→ WORK TASK
Images excluded, repeat each entry below exactly.

→ RECORDED DATA
━━━━━━━━━━
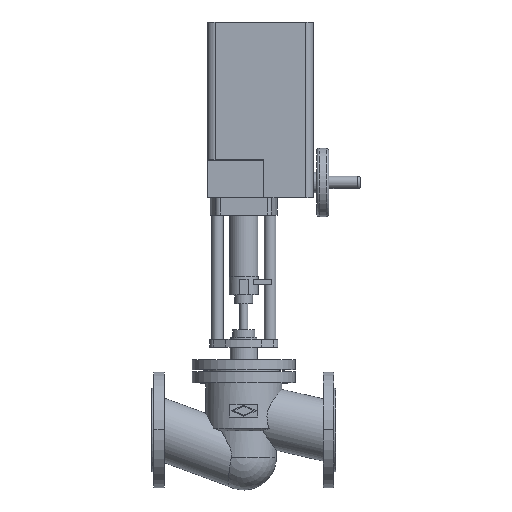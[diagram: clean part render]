
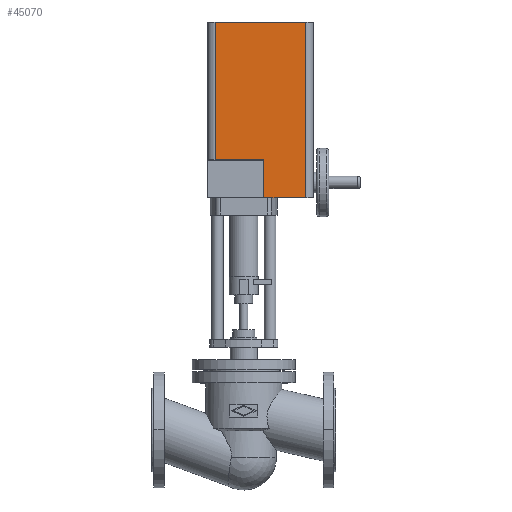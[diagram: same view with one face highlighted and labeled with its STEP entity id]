
A CAD part, top view. The second image highlights one B-rep face of the part: STEP entity #45070.
In plain terms, the highlighted planar face has unit normal (0, 0, 1).
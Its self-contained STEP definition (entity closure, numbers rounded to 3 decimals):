
#38570=CARTESIAN_POINT('',(213.1,441.,114.));
#38580=VERTEX_POINT('',#38570);
#38630=CARTESIAN_POINT('',(120.6,441.,114.));
#38640=DIRECTION('',(1.,0.,0.));
#38650=VECTOR('',#38640,1.);
#38660=LINE('',#38630,#38650);
#38670=CARTESIAN_POINT('',(292.6,441.,114.));
#38680=VERTEX_POINT('',#38670);
#38690=EDGE_CURVE('',#38580,#38680,#38660,.T.);
#40700=CARTESIAN_POINT('',(213.1,512.5,114.));
#40710=VERTEX_POINT('',#40700);
#40740=CARTESIAN_POINT('',(213.1,441.,114.));
#40750=DIRECTION('',(0.,-1.,0.));
#40760=VECTOR('',#40750,1.);
#40770=LINE('',#40740,#40760);
#40780=EDGE_CURVE('',#40710,#38580,#40770,.T.);
#41110=CARTESIAN_POINT('',(120.6,774.5,114.));
#41120=VERTEX_POINT('',#41110);
#41150=CARTESIAN_POINT('',(120.6,441.,114.));
#41160=DIRECTION('',(0.,1.,0.));
#41170=VECTOR('',#41160,1.);
#41180=LINE('',#41150,#41170);
#41190=CARTESIAN_POINT('',(120.6,512.5,114.));
#41200=VERTEX_POINT('',#41190);
#41210=EDGE_CURVE('',#41200,#41120,#41180,.T.);
#44500=CARTESIAN_POINT('',(292.6,441.,114.));
#44510=DIRECTION('',(0.,-1.,0.));
#44520=VECTOR('',#44510,1.);
#44530=LINE('',#44500,#44520);
#44540=CARTESIAN_POINT('',(292.6,774.5,114.));
#44550=VERTEX_POINT('',#44540);
#44560=EDGE_CURVE('',#44550,#38680,#44530,.T.);
#44780=CARTESIAN_POINT('',(120.6,774.5,114.));
#44790=DIRECTION('',(-1.,0.,0.));
#44800=VECTOR('',#44790,1.);
#44810=LINE('',#44780,#44800);
#44820=EDGE_CURVE('',#44550,#41120,#44810,.T.);
#44890=CARTESIAN_POINT('',(292.6,441.,114.));
#44900=DIRECTION('',(0.,0.,1.));
#44910=DIRECTION('',(1.,0.,0.));
#44920=AXIS2_PLACEMENT_3D('',#44890,#44900,#44910);
#44930=PLANE('',#44920);
#44940=ORIENTED_EDGE('',*,*,#41210,.F.);
#44950=ORIENTED_EDGE('',*,*,#44820,.T.);
#44960=ORIENTED_EDGE('',*,*,#44560,.F.);
#44970=ORIENTED_EDGE('',*,*,#38690,.T.);
#44980=ORIENTED_EDGE('',*,*,#40780,.T.);
#44990=CARTESIAN_POINT('',(233.8,512.5,114.));
#45000=DIRECTION('',(1.,0.,0.));
#45010=VECTOR('',#45000,1.);
#45020=LINE('',#44990,#45010);
#45030=EDGE_CURVE('',#41200,#40710,#45020,.T.);
#45040=ORIENTED_EDGE('',*,*,#45030,.T.);
#45050=EDGE_LOOP('',(#45040,#44980,#44970,#44960,#44950,#44940));
#45060=FACE_OUTER_BOUND('',#45050,.T.);
#45070=ADVANCED_FACE('',(#45060),#44930,.T.);
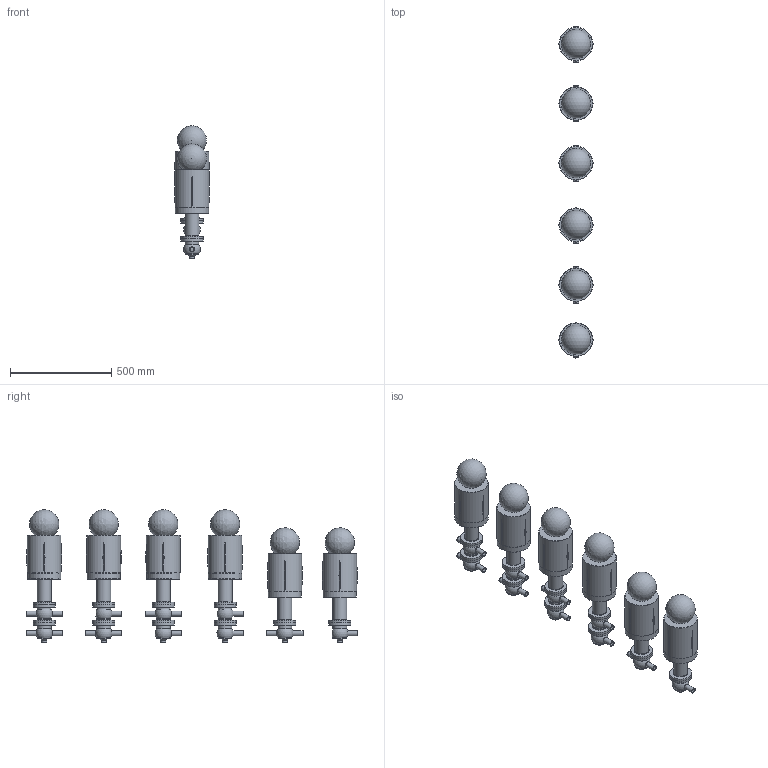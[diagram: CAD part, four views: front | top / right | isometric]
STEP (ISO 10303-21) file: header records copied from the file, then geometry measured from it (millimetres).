
FILE_DESCRIPTION(/* description */ (''),/* implementation_level */ '2;1');
FILE_NAME(/* name */ 'C:\Users\marz-m\Desktop\PDF\BBZQ 3D STEP\BBZQ-DN254-CIL.156.stp',/* time_stamp */ '2018-04-13T14:25:46+02:00',/* author */ ('marz-m'),/* organization */ (''),/* preprocessor_version */ 'ST-DEVELOPER v17',/* originating_system */ 'Autodesk Inventor 2018',/* authorisation */ '');
FILE_SCHEMA (('AUTOMOTIVE_DESIGN { 1 0 10303 214 3 1 1 }'));
Length unit declared in the file: millimetre
Products named in the file (8): BBZQ-CIL.156-DN254; COR-INF-L-BBZQ-DN025(28X3)-SALD; COR-INF-T-BBZQ-DN025(28X2.5)-SALD; assemblaggio dn40 per cil 108-156; CIL156; SAGOMA-GIOTTO-; CORPO-SUP-BBZQ-L-DN254-SALD; CORPO-SUP-BBZQ-T-DN254-SALD
Assembly tree (28 placements, depth 2):
  BBZQ-CIL.156-DN254
    COR-INF-L-BBZQ-DN025(28X3)-SALD  x3
    COR-INF-T-BBZQ-DN025(28X2.5)-SALD  x3
    assemblaggio dn40 per cil 108-156  x6
    CIL156  x6
    SAGOMA-GIOTTO-  x6
    CORPO-SUP-BBZQ-L-DN254-SALD  x2
    CORPO-SUP-BBZQ-T-DN254-SALD  x2
Bounding box: 172.04 x 1643.08 x 655.97 mm (x, y, z)
Volume: 45255074.2 mm3; surface area: 2203276.3 mm2
Topology: 28 solids, 28 shells, 386 faces, 900 edges, 656 vertices
Faces by surface type: cylinder 112, plane 109, cone 72, torus 38, sphere 31, bspline 24
Full cylindrical faces by diameter (mm): 20 x12, 20.4 x21, 25.4 x21, 68 x20, 69 x6, 109 x20, 164.5 x6, 166 x6
Entity records: 3859 total; most frequent: CARTESIAN_POINT 861, DIRECTION 664, ORIENTED_EDGE 480, AXIS2_PLACEMENT_3D 311, EDGE_CURVE 240, VERTEX_POINT 176, CIRCLE 172, EDGE_LOOP 136
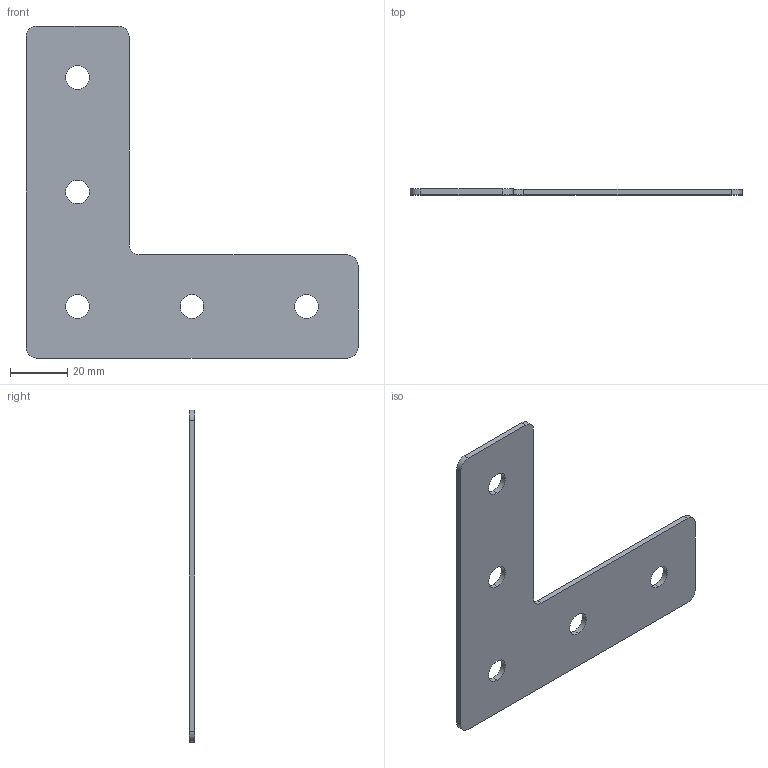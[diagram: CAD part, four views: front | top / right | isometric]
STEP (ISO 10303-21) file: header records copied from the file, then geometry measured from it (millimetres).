
FILE_DESCRIPTION (( 'STEP AP203' ), '1' );
FILE_NAME ('Ã-5-40.STEP', '2016-07-19T13:07:28', ( 'RosInstal-MKM' ), ( '' ), 'SwSTEP 2.0', 'SolidWorks 2014', '' );
FILE_SCHEMA (( 'CONFIG_CONTROL_DESIGN' ));
Length unit declared in the file: millimetre
Products named in the file (1): ﾃ-5-40
Bounding box: 116 x 2 x 116 mm (x, y, z)
Volume: 13559.5 mm3; surface area: 14725.7 mm2
Topology: 1 solids, 1 shells, 24 faces, 66 edges, 44 vertices
Faces by surface type: cylinder 16, plane 8
Entity records: 879 total; most frequent: DIRECTION 148, CARTESIAN_POINT 135, ORIENTED_EDGE 132, EDGE_CURVE 66, AXIS2_PLACEMENT_3D 57, VERTEX_POINT 44, VECTOR 34, LINE 34
━━━━━━━━━━
→ ANSWER SECTION
[diagram: clean part render]
[diagram: same view with one face highlighted and labeled with its STEP entity id]
A CAD part, top view. The second image highlights one B-rep face of the part: STEP entity #45070.
In plain terms, the highlighted planar face has unit normal (0, 0, 1).
Its self-contained STEP definition (entity closure, numbers rounded to 3 decimals):
#38570=CARTESIAN_POINT('',(213.1,441.,114.));
#38580=VERTEX_POINT('',#38570);
#38630=CARTESIAN_POINT('',(120.6,441.,114.));
#38640=DIRECTION('',(1.,0.,0.));
#38650=VECTOR('',#38640,1.);
#38660=LINE('',#38630,#38650);
#38670=CARTESIAN_POINT('',(292.6,441.,114.));
#38680=VERTEX_POINT('',#38670);
#38690=EDGE_CURVE('',#38580,#38680,#38660,.T.);
#40700=CARTESIAN_POINT('',(213.1,512.5,114.));
#40710=VERTEX_POINT('',#40700);
#40740=CARTESIAN_POINT('',(213.1,441.,114.));
#40750=DIRECTION('',(0.,-1.,0.));
#40760=VECTOR('',#40750,1.);
#40770=LINE('',#40740,#40760);
#40780=EDGE_CURVE('',#40710,#38580,#40770,.T.);
#41110=CARTESIAN_POINT('',(120.6,774.5,114.));
#41120=VERTEX_POINT('',#41110);
#41150=CARTESIAN_POINT('',(120.6,441.,114.));
#41160=DIRECTION('',(0.,1.,0.));
#41170=VECTOR('',#41160,1.);
#41180=LINE('',#41150,#41170);
#41190=CARTESIAN_POINT('',(120.6,512.5,114.));
#41200=VERTEX_POINT('',#41190);
#41210=EDGE_CURVE('',#41200,#41120,#41180,.T.);
#44500=CARTESIAN_POINT('',(292.6,441.,114.));
#44510=DIRECTION('',(0.,-1.,0.));
#44520=VECTOR('',#44510,1.);
#44530=LINE('',#44500,#44520);
#44540=CARTESIAN_POINT('',(292.6,774.5,114.));
#44550=VERTEX_POINT('',#44540);
#44560=EDGE_CURVE('',#44550,#38680,#44530,.T.);
#44780=CARTESIAN_POINT('',(120.6,774.5,114.));
#44790=DIRECTION('',(-1.,0.,0.));
#44800=VECTOR('',#44790,1.);
#44810=LINE('',#44780,#44800);
#44820=EDGE_CURVE('',#44550,#41120,#44810,.T.);
#44890=CARTESIAN_POINT('',(292.6,441.,114.));
#44900=DIRECTION('',(0.,0.,1.));
#44910=DIRECTION('',(1.,0.,0.));
#44920=AXIS2_PLACEMENT_3D('',#44890,#44900,#44910);
#44930=PLANE('',#44920);
#44940=ORIENTED_EDGE('',*,*,#41210,.F.);
#44950=ORIENTED_EDGE('',*,*,#44820,.T.);
#44960=ORIENTED_EDGE('',*,*,#44560,.F.);
#44970=ORIENTED_EDGE('',*,*,#38690,.T.);
#44980=ORIENTED_EDGE('',*,*,#40780,.T.);
#44990=CARTESIAN_POINT('',(233.8,512.5,114.));
#45000=DIRECTION('',(1.,0.,0.));
#45010=VECTOR('',#45000,1.);
#45020=LINE('',#44990,#45010);
#45030=EDGE_CURVE('',#41200,#40710,#45020,.T.);
#45040=ORIENTED_EDGE('',*,*,#45030,.T.);
#45050=EDGE_LOOP('',(#45040,#44980,#44970,#44960,#44950,#44940));
#45060=FACE_OUTER_BOUND('',#45050,.T.);
#45070=ADVANCED_FACE('',(#45060),#44930,.T.);
[diagram: CAD part, four views: front | top / right | isometric]
STEP (ISO 10303-21) file: header records copied from the file, then geometry measured from it (millimetres).
FILE_DESCRIPTION(/* description */ (''),/* implementation_level */ '2;1');
FILE_NAME(/* name */ 'C:\Users\marz-m\Desktop\PDF\BBZQ 3D STEP\BBZQ-DN254-CIL.156.stp',/* time_stamp */ '2018-04-13T14:25:46+02:00',/* author */ ('marz-m'),/* organization */ (''),/* preprocessor_version */ 'ST-DEVELOPER v17',/* originating_system */ 'Autodesk Inventor 2018',/* authorisation */ '');
FILE_SCHEMA (('AUTOMOTIVE_DESIGN { 1 0 10303 214 3 1 1 }'));
Length unit declared in the file: millimetre
Products named in the file (8): BBZQ-CIL.156-DN254; COR-INF-L-BBZQ-DN025(28X3)-SALD; COR-INF-T-BBZQ-DN025(28X2.5)-SALD; assemblaggio dn40 per cil 108-156; CIL156; SAGOMA-GIOTTO-; CORPO-SUP-BBZQ-L-DN254-SALD; CORPO-SUP-BBZQ-T-DN254-SALD
Assembly tree (28 placements, depth 2):
  BBZQ-CIL.156-DN254
    COR-INF-L-BBZQ-DN025(28X3)-SALD  x3
    COR-INF-T-BBZQ-DN025(28X2.5)-SALD  x3
    assemblaggio dn40 per cil 108-156  x6
    CIL156  x6
    SAGOMA-GIOTTO-  x6
    CORPO-SUP-BBZQ-L-DN254-SALD  x2
    CORPO-SUP-BBZQ-T-DN254-SALD  x2
Bounding box: 172.04 x 1643.08 x 655.97 mm (x, y, z)
Volume: 45255074.2 mm3; surface area: 2203276.3 mm2
Topology: 28 solids, 28 shells, 386 faces, 900 edges, 656 vertices
Faces by surface type: cylinder 112, plane 109, cone 72, torus 38, sphere 31, bspline 24
Full cylindrical faces by diameter (mm): 20 x12, 20.4 x21, 25.4 x21, 68 x20, 69 x6, 109 x20, 164.5 x6, 166 x6
Entity records: 3859 total; most frequent: CARTESIAN_POINT 861, DIRECTION 664, ORIENTED_EDGE 480, AXIS2_PLACEMENT_3D 311, EDGE_CURVE 240, VERTEX_POINT 176, CIRCLE 172, EDGE_LOOP 136
[diagram: CAD part, four views: front | top / right | isometric]
STEP (ISO 10303-21) file: header records copied from the file, then geometry measured from it (millimetres).
FILE_DESCRIPTION (( 'STEP AP203' ), '1' );
FILE_NAME ('Ã-5-40.STEP', '2016-07-19T13:07:28', ( 'RosInstal-MKM' ), ( '' ), 'SwSTEP 2.0', 'SolidWorks 2014', '' );
FILE_SCHEMA (( 'CONFIG_CONTROL_DESIGN' ));
Length unit declared in the file: millimetre
Products named in the file (1): ﾃ-5-40
Bounding box: 116 x 2 x 116 mm (x, y, z)
Volume: 13559.5 mm3; surface area: 14725.7 mm2
Topology: 1 solids, 1 shells, 24 faces, 66 edges, 44 vertices
Faces by surface type: cylinder 16, plane 8
Entity records: 879 total; most frequent: DIRECTION 148, CARTESIAN_POINT 135, ORIENTED_EDGE 132, EDGE_CURVE 66, AXIS2_PLACEMENT_3D 57, VERTEX_POINT 44, VECTOR 34, LINE 34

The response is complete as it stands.